Voltando, de novo, à eleição: parece que em muitas cidades americanas (quase todas de maioria democrata) há manifestações contra Trump. Parece que apesar do óbvio triunfo de Trump, há quem se bata na rua contra a escolha dele. Trata-se de um fenómeno marginal ou é algo mais? E se for assim, porque é que tanta gente se mostrou horrorizada quando Trump, “sempre esse homem fatal”, deixou no ar a ameaça de não aceitar a vitória de Hillary? Será que o protesto de esquerda é o único que vale?
Faço parte dos derrotados nas eleições americanas. Não morro de amores por Hillary mas sufoca-me a ideia de Trump ser o novo Presidente dos EUA. E, mesmo não sendo americano, aterra-me a ideia de que Trump vai ser uma fonte de inspiração para muitos europeus. Na França, no Reino Unido, na Itália, na Holanda (ai minha querida Amesterdão!...) . Isto não falando na Europa Central onde o trumpismo já é de regra. Assusta-me a ideia de que provavelmente já não verei (estou a dias de (per)fazer 75 outonos) um democrata na Casa Branca. Que diabo, um homem tem o direito de morrer descansado e o único Donald de que gosto é o pato.
*A jornalista Teresa de Sousa pede que não se faça de Hillary o bombo da festa. A culpa que morre sempre solteira, não é da senhora mas eventualmente de todos nós.
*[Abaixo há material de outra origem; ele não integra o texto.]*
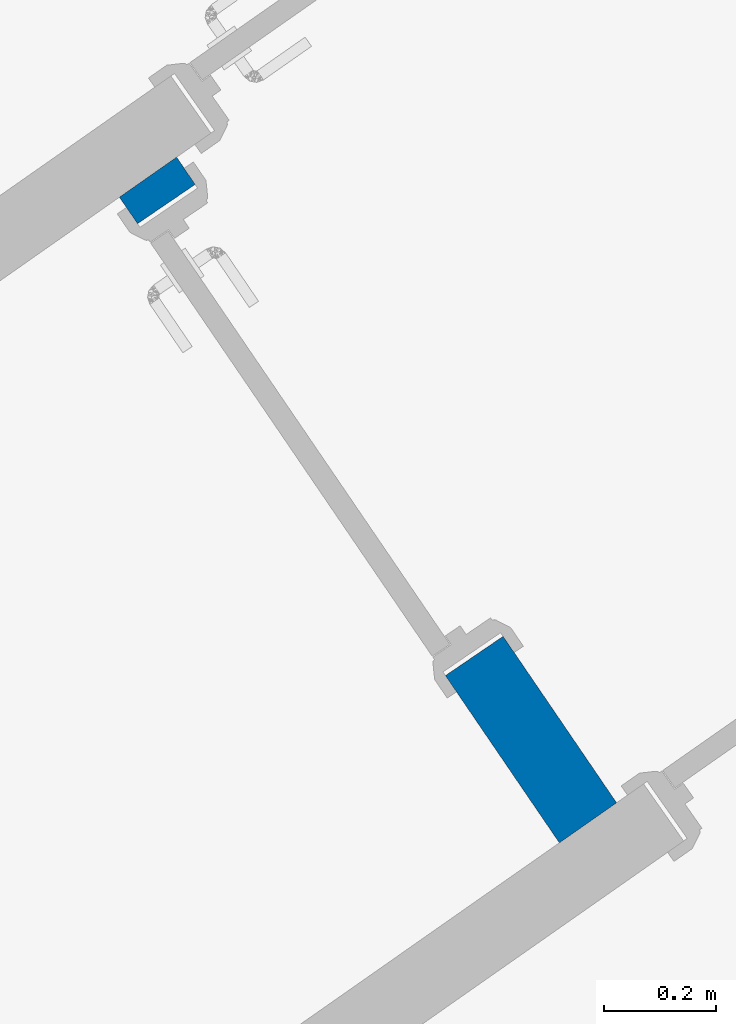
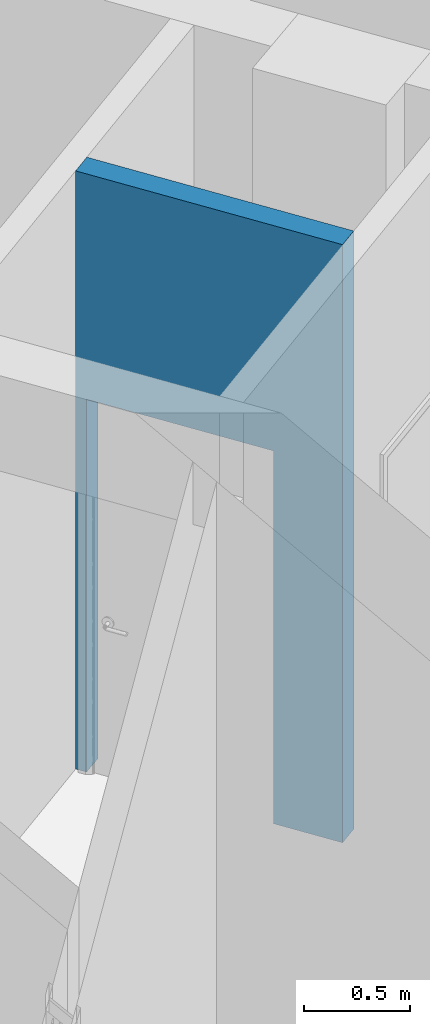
# One storey, part 69 of 112: 1 wall, 1 opening.
"""IFC2X3 building model written with IfcOpenShell, lengths in millimetres."""

from ifc_helpers import new_model, entity, si_unit, converted_unit, derived_unit, direction, frame, frame_2d, origin, place, context, subcontext, project, spatial, polyline, rectangle, outline, extrude, material, layer, layer_set, layer_usage, type_object, element, save


model = new_model("IFC2X3")

# Units and contexts
model_context = context("Model", 3, precision=0.01, world=origin(), true_north=direction((6.123031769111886e-17, 1.0)))
body_context = subcontext(model_context, "Body", "Model", "MODEL_VIEW")
ifc_project = project(units=[si_unit("LENGTHUNIT", "METRE", prefix="MILLI"), si_unit("AREAUNIT", "SQUARE_METRE"), si_unit("VOLUMEUNIT", "CUBIC_METRE"), converted_unit("PLANEANGLEUNIT", "DEGREE", entity("IfcRatioMeasure", 0.017453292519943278), si_unit("PLANEANGLEUNIT", "RADIAN"), dimensions=[0, 0, 0, 0, 0, 0, 0]), si_unit("MASSUNIT", "GRAM", prefix="KILO"), derived_unit("MASSDENSITYUNIT", [(si_unit("MASSUNIT", "GRAM", prefix="KILO"), 1), (si_unit("LENGTHUNIT", "METRE"), -3)]), derived_unit("MOMENTOFINERTIAUNIT", [(si_unit("LENGTHUNIT", "METRE"), 4)]), si_unit("TIMEUNIT", "SECOND"), si_unit("FREQUENCYUNIT", "HERTZ"), si_unit("THERMODYNAMICTEMPERATUREUNIT", "DEGREE_CELSIUS"), derived_unit("THERMALTRANSMITTANCEUNIT", [(si_unit("MASSUNIT", "GRAM", prefix="KILO"), 1), (si_unit("THERMODYNAMICTEMPERATUREUNIT", "KELVIN"), -1), (si_unit("TIMEUNIT", "SECOND"), -3)]), derived_unit("THERMALCONDUCTANCEUNIT", [(si_unit("MASSUNIT", "GRAM", prefix="KILO"), 1), (si_unit("LENGTHUNIT", "METRE"), 1), (si_unit("THERMODYNAMICTEMPERATUREUNIT", "KELVIN"), -1), (si_unit("TIMEUNIT", "SECOND"), -3)]), derived_unit("VOLUMETRICFLOWRATEUNIT", [(si_unit("LENGTHUNIT", "METRE"), 3), (si_unit("TIMEUNIT", "SECOND"), -1)]), derived_unit("MASSFLOWRATEUNIT", [(si_unit("MASSUNIT", "GRAM", prefix="KILO"), 1), (si_unit("TIMEUNIT", "SECOND"), -1)]), derived_unit("ROTATIONALFREQUENCYUNIT", [(si_unit("TIMEUNIT", "SECOND"), -1)]), si_unit("ELECTRICCURRENTUNIT", "AMPERE"), si_unit("ELECTRICVOLTAGEUNIT", "VOLT"), si_unit("POWERUNIT", "WATT"), converted_unit("FORCEUNIT", "KIP", entity("IfcRatioMeasure", 2.088543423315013e-05), si_unit("FORCEUNIT", "NEWTON"), dimensions=[1, 1, -2, 0, 0, 0, 0]), si_unit("ILLUMINANCEUNIT", "LUX"), si_unit("LUMINOUSFLUXUNIT", "LUMEN"), si_unit("LUMINOUSINTENSITYUNIT", "CANDELA"), derived_unit("USERDEFINED", [(si_unit("MASSUNIT", "GRAM", prefix="KILO"), -1), (si_unit("LENGTHUNIT", "METRE"), -2), (si_unit("TIMEUNIT", "SECOND"), 3), (si_unit("LUMINOUSFLUXUNIT", "LUMEN"), 1)]), derived_unit("USERDEFINED", [(si_unit("MASSUNIT", "GRAM", prefix="KILO"), 1), (si_unit("LENGTHUNIT", "METRE"), 3), (si_unit("TIMEUNIT", "SECOND"), -3), (si_unit("ELECTRICCURRENTUNIT", "AMPERE"), -2)]), derived_unit("USERDEFINED", [(si_unit("LENGTHUNIT", "METRE"), 2), (si_unit("TIMEUNIT", "SECOND"), -2)]), derived_unit("SOUNDPOWERUNIT", [(si_unit("MASSUNIT", "GRAM", prefix="KILO"), 1), (si_unit("LENGTHUNIT", "METRE"), 2), (si_unit("TIMEUNIT", "SECOND"), -3)]), derived_unit("SOUNDPRESSUREUNIT", [(si_unit("MASSUNIT", "GRAM", prefix="KILO"), 1), (si_unit("LENGTHUNIT", "METRE"), -1), (si_unit("TIMEUNIT", "SECOND"), -2)]), derived_unit("LINEARVELOCITYUNIT", [(si_unit("LENGTHUNIT", "METRE"), 1), (si_unit("TIMEUNIT", "SECOND"), -1)]), si_unit("PRESSUREUNIT", "PASCAL"), derived_unit("USERDEFINED", [(si_unit("LENGTHUNIT", "METRE"), -2), (si_unit("MASSUNIT", "GRAM", prefix="KILO"), 1), (si_unit("TIMEUNIT", "SECOND"), -2)]), derived_unit("LINEARFORCEUNIT", [(si_unit("MASSUNIT", "GRAM", prefix="KILO"), 1), (si_unit("LENGTHUNIT", "METRE"), 1), (si_unit("TIMEUNIT", "SECOND"), -2), (si_unit("LENGTHUNIT", "METRE"), -1)]), derived_unit("PLANARFORCEUNIT", [(si_unit("MASSUNIT", "GRAM", prefix="KILO"), 1), (si_unit("LENGTHUNIT", "METRE"), 1), (si_unit("TIMEUNIT", "SECOND"), -2), (si_unit("LENGTHUNIT", "METRE"), -2)]), derived_unit("SPECIFICHEATCAPACITYUNIT", [(si_unit("LENGTHUNIT", "METRE"), 2), (si_unit("TIMEUNIT", "SECOND"), -2), (si_unit("THERMODYNAMICTEMPERATUREUNIT", "KELVIN"), -1)]), derived_unit("VAPORPERMEABILITYUNIT", [(si_unit("TIMEUNIT", "SECOND"), 1), (si_unit("LENGTHUNIT", "METRE"), -1)]), derived_unit("DYNAMICVISCOSITYUNIT", [(si_unit("MASSUNIT", "GRAM", prefix="KILO"), 1), (si_unit("LENGTHUNIT", "METRE"), -1), (si_unit("TIMEUNIT", "SECOND"), -1)]), derived_unit("THERMALEXPANSIONCOEFFICIENTUNIT", [(si_unit("THERMODYNAMICTEMPERATUREUNIT", "KELVIN"), -1)])], contexts=[model_context])

# Site, building, storey
site_placement = place(None, frame((0.0, 0.0, 0.0), z_axis=(0.0, 0.0, 1.0), x_axis=(0.8191520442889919, 0.5735764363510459, 0.0)))
site = spatial("IfcSite", under=ifc_project, at=site_placement, Name="Default", CompositionType="ELEMENT")
building_placement = place(site_placement, origin())
building = spatial("IfcBuilding", under=site, at=building_placement, CompositionType="ELEMENT")
storey_placement = place(building_placement, frame((0.0, 0.0, -3600.0)))
storey = spatial("IfcBuildingStorey", under=building, at=storey_placement, Name="0.UG -3.60", CompositionType="ELEMENT", Elevation=-3600.0000000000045)

# Wall, opening
ifc_material = material(Name="Analytical Wall Surface_CJC")
ifc_layer = layer(ifc_material, 125.00000000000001)
ifc_layer_set = layer_set([ifc_layer], Name="Basic Wall:Wand_Innen_12.5")
ifc_layer_usage = layer_usage(ifc_layer_set, "AXIS2", "NEGATIVE", 62.50000000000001)
wall_type = type_object("IfcWallType", Name="Basic Wall:Wand_Innen_12.5", PredefinedType="STANDARD", material=ifc_layer_set)
wall_placement = place(storey_placement, frame((-211696.98123741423, 167770.56331512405, 0.0), z_axis=(0.0, 0.0, 1.0), x_axis=(0.012729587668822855, 0.9999189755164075, 0.0)))
wall = element("IfcWallStandardCase", 1, at=wall_placement, inside=storey, type_object=wall_type, material=ifc_layer_usage, Name="Basic Wall:Wand_Innen_12.5", ObjectType="Basic Wall:Wand_Innen_12.5", context=body_context, shape_type="SweptSolid", body=[
    extrude(outline(polyline([(1.5913273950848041, -62.499999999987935), (1401.704770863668, -62.499999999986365), (1400.1134434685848, 62.500000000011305), (0.0, 62.50000000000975), (1.5913273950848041, -62.499999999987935)])), origin(), (0.0, 0.0, 1.0), 3450.0),
])
opening_placement = place(wall_placement, frame((362.6034267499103, -62.50000000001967, 0.0)))
element("IfcOpeningElement", 2, at=opening_placement, cuts=wall, Name="Doors_IntSgl:90x210:1", ObjectType="Opening", context=body_context, shape_type="SweptSolid", body=[
    extrude(rectangle(XDim=2150.000000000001, YDim=979.9999999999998, at=frame_2d((1075.0000000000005, 490.0000000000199), x_axis=(1.0, 0.0))), frame((0.0, 0.0, 0.0), z_axis=(0.0, 1.0, 0.0), x_axis=(0.0, 0.0, 1.0)), (0.0, 0.0, 1.0), 124.99999999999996),
])

save(model, "model.ifc")

Vários outros abencerragens do comentário político culpam a Constituição Americana e o sistema dos grandes eleitores. Ou seja, são contra as regras do jogo quando este não tem o resultado que lhes agrada.
- o comentador Rui Tavares andou dias e dias a confortar-nos com uma vitória de Clinton. Só de o ler, comecei a temer o pior. Tavares toma os desejos dele pela realidade. E, como de costume, engana-se.
- Quando referi que só donald Duck me entusiasmava, esquecia-me do grande Donald Byrd, o trompetista revelado pelos Jazz Messengers e principal autor do disco “Black Byrd”, um must. Glória e paz à sua amável memória.